*Problem statement:* Extract the lines from the first one in the records below through the line containing "#4156=EDGE_CURVE('',#4547,#4547,#4548,.T.);", keeping both ends and leaving out any pictures.

╭─ Stored data

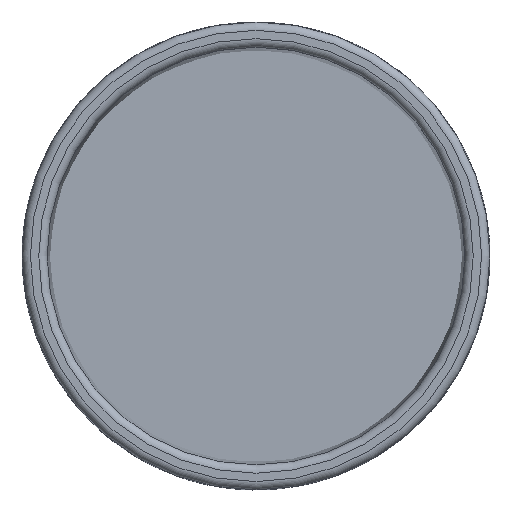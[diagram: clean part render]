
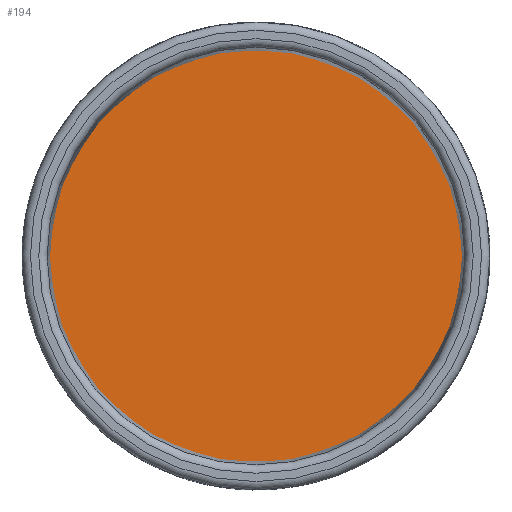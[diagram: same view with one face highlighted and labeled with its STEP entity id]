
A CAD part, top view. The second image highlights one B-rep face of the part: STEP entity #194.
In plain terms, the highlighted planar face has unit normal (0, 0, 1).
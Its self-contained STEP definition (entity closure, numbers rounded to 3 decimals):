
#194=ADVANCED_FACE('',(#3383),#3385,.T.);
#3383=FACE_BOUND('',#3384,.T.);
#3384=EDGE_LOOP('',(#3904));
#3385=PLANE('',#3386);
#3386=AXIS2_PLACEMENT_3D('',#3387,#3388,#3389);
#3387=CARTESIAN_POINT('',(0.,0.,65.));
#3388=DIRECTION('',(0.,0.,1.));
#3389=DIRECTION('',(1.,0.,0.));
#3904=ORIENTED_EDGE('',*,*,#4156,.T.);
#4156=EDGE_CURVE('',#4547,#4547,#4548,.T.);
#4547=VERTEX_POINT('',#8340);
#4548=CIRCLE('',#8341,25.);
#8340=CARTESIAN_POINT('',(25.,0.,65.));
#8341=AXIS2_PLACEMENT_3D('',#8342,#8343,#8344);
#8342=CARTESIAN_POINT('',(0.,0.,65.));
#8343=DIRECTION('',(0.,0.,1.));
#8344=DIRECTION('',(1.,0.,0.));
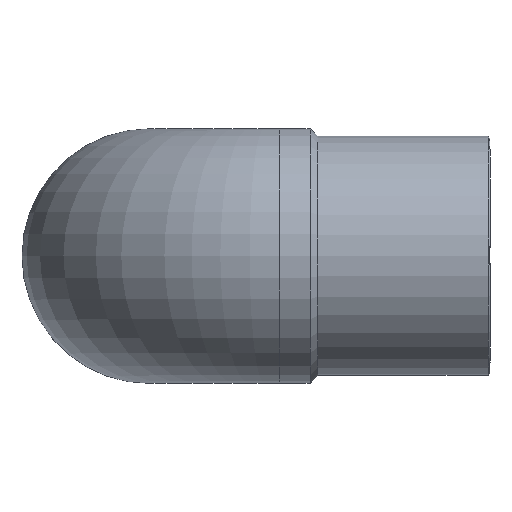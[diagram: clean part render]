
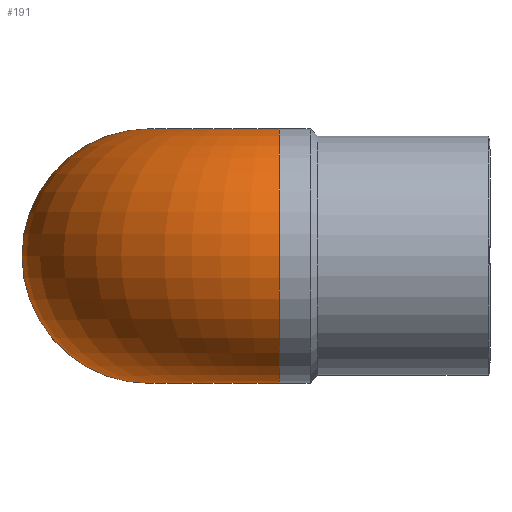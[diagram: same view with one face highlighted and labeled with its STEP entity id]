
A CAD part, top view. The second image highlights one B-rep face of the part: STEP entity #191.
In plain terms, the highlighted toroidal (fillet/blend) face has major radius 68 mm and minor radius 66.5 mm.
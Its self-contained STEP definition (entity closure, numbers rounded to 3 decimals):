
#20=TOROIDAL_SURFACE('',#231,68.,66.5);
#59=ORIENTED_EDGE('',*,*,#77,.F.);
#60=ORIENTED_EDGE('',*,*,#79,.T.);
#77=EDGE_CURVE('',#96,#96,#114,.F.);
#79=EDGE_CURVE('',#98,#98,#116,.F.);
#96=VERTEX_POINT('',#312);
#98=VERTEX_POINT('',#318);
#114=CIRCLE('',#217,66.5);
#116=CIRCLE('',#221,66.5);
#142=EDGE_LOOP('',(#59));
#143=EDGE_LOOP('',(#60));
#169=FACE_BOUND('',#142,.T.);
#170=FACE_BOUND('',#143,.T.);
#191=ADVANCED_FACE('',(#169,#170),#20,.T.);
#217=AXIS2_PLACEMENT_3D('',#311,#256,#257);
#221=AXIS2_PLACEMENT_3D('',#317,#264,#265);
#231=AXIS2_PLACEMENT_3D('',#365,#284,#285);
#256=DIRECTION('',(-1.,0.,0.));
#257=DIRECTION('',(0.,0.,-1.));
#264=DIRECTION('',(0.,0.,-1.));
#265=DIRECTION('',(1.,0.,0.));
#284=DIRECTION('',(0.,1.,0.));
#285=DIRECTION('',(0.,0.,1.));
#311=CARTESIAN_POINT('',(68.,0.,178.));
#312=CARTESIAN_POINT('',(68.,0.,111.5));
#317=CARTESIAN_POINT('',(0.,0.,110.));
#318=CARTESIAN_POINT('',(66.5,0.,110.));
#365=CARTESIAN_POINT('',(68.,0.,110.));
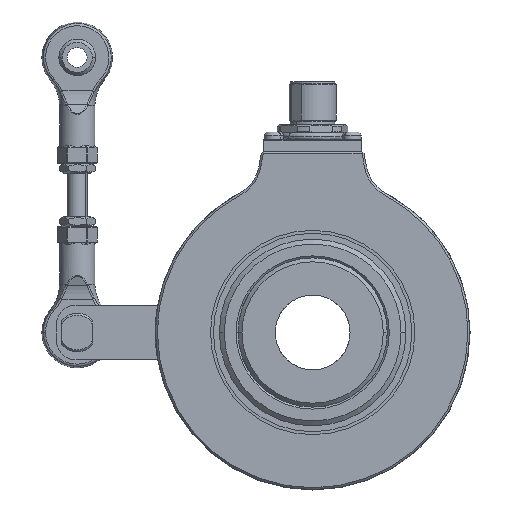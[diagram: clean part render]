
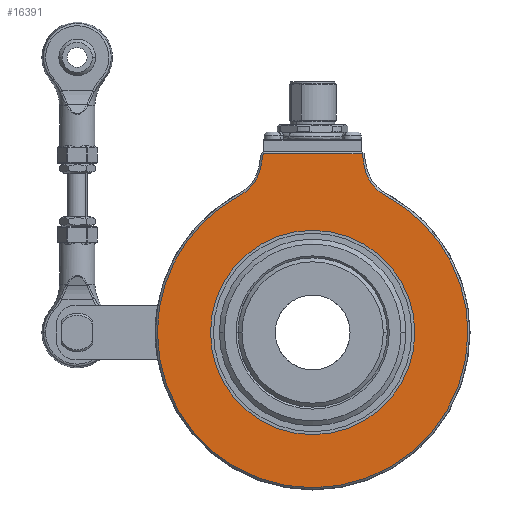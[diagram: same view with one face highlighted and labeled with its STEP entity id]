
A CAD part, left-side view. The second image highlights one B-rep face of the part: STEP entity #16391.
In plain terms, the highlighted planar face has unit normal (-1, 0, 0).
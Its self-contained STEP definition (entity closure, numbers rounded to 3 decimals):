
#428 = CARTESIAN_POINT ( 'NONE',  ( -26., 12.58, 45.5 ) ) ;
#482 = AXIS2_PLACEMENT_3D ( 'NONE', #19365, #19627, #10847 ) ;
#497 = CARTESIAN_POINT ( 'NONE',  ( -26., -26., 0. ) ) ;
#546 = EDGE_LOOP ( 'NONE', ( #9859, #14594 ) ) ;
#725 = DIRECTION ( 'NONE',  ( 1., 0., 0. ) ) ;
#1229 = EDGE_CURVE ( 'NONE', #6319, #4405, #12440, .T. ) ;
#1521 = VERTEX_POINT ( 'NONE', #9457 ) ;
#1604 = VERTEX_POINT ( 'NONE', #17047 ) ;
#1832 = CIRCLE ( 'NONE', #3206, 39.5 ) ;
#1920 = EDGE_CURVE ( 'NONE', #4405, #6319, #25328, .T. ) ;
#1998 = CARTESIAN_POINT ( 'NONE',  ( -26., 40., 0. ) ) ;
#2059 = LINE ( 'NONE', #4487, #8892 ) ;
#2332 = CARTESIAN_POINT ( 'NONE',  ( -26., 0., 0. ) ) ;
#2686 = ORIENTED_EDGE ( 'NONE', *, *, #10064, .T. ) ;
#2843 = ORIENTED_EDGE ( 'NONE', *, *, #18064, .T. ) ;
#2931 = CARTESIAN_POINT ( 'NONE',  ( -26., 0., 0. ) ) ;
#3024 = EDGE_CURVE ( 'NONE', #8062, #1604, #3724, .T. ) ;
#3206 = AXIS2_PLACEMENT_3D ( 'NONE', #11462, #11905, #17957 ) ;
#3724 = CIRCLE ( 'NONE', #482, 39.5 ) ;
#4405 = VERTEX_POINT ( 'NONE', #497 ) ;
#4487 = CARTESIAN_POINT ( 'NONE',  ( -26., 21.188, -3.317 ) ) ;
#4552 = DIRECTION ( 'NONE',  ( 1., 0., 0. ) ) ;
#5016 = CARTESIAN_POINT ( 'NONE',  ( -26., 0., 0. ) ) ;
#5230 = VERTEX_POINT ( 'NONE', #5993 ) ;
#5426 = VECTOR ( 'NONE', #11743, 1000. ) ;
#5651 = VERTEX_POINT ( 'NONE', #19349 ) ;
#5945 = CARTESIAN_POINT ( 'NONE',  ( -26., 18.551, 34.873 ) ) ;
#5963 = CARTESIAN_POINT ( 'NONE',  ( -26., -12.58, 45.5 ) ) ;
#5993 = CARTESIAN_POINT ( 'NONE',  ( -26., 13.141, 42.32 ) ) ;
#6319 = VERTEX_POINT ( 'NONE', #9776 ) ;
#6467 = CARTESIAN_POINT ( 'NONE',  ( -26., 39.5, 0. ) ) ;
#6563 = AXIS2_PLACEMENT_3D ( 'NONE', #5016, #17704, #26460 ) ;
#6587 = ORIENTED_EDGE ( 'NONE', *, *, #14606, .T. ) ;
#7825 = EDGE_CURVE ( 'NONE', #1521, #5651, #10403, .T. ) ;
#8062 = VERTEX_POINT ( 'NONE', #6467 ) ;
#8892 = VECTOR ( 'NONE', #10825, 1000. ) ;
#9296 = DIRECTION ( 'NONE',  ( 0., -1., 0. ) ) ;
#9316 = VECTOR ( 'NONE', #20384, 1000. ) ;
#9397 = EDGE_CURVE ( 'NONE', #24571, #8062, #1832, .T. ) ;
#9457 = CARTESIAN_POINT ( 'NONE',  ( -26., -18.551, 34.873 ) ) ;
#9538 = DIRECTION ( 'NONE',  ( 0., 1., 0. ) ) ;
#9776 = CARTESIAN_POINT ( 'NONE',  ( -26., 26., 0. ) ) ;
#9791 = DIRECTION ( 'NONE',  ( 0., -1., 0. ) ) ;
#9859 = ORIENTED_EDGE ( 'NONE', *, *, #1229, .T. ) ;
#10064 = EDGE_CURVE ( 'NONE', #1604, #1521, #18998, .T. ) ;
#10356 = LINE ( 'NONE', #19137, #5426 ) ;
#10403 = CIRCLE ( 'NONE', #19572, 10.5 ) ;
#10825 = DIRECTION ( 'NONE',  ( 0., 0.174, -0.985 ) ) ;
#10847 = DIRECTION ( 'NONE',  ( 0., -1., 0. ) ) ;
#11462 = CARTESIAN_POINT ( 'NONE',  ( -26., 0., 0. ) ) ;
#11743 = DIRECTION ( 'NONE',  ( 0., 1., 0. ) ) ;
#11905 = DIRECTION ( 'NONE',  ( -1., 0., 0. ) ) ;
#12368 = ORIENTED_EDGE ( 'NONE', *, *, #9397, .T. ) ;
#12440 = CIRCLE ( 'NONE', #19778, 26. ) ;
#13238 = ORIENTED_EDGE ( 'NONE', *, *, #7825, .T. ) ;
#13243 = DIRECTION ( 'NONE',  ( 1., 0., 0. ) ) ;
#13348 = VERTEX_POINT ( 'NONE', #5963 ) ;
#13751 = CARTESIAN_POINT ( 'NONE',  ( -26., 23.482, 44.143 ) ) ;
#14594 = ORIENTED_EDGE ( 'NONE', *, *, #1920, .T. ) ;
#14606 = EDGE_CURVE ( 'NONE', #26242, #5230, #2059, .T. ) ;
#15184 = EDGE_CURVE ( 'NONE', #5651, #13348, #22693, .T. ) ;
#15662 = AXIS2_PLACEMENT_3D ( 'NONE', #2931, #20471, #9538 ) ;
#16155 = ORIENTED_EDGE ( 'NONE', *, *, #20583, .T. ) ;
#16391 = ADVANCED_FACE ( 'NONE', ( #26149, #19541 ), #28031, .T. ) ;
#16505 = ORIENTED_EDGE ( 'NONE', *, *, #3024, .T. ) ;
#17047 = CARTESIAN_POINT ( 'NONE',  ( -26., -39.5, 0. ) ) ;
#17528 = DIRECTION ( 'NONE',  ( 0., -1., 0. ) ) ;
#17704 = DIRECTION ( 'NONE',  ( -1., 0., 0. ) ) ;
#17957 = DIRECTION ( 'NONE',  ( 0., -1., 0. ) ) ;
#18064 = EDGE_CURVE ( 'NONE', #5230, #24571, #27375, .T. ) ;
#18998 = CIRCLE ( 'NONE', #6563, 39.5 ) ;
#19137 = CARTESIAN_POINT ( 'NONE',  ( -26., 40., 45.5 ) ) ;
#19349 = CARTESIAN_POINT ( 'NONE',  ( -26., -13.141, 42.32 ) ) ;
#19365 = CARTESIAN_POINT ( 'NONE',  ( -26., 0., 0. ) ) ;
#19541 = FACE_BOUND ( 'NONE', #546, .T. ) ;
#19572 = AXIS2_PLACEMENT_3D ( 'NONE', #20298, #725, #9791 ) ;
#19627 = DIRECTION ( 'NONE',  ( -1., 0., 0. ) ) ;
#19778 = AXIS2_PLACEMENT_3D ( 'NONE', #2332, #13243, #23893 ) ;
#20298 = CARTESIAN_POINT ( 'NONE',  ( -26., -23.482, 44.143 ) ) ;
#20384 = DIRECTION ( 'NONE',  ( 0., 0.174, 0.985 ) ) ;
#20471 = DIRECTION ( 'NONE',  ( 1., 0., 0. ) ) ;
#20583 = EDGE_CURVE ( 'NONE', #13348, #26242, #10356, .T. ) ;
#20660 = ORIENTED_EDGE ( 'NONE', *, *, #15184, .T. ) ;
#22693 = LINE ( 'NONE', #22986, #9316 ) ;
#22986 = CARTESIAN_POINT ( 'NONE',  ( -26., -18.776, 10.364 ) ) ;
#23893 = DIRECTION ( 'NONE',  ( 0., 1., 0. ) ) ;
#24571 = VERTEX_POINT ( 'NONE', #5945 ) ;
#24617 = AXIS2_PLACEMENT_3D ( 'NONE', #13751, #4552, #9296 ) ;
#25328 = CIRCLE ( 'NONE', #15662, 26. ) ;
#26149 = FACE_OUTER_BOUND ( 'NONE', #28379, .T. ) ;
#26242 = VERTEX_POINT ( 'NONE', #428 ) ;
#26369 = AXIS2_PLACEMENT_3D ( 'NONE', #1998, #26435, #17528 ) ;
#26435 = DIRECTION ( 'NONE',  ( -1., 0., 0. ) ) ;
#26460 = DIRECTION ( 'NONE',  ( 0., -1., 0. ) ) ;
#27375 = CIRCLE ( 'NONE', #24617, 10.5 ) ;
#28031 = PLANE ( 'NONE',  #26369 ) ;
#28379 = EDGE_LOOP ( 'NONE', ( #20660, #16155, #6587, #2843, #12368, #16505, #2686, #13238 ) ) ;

╰─

*Written answer:*
[diagram: clean part render]
[diagram: same view with one face highlighted and labeled with its STEP entity id]
A CAD part, top view. The second image highlights one B-rep face of the part: STEP entity #194.
In plain terms, the highlighted planar face has unit normal (0, 0, 1).
Its self-contained STEP definition (entity closure, numbers rounded to 3 decimals):
#194=ADVANCED_FACE('',(#3383),#3385,.T.);
#3383=FACE_BOUND('',#3384,.T.);
#3384=EDGE_LOOP('',(#3904));
#3385=PLANE('',#3386);
#3386=AXIS2_PLACEMENT_3D('',#3387,#3388,#3389);
#3387=CARTESIAN_POINT('',(0.,0.,65.));
#3388=DIRECTION('',(0.,0.,1.));
#3389=DIRECTION('',(1.,0.,0.));
#3904=ORIENTED_EDGE('',*,*,#4156,.T.);
#4156=EDGE_CURVE('',#4547,#4547,#4548,.T.);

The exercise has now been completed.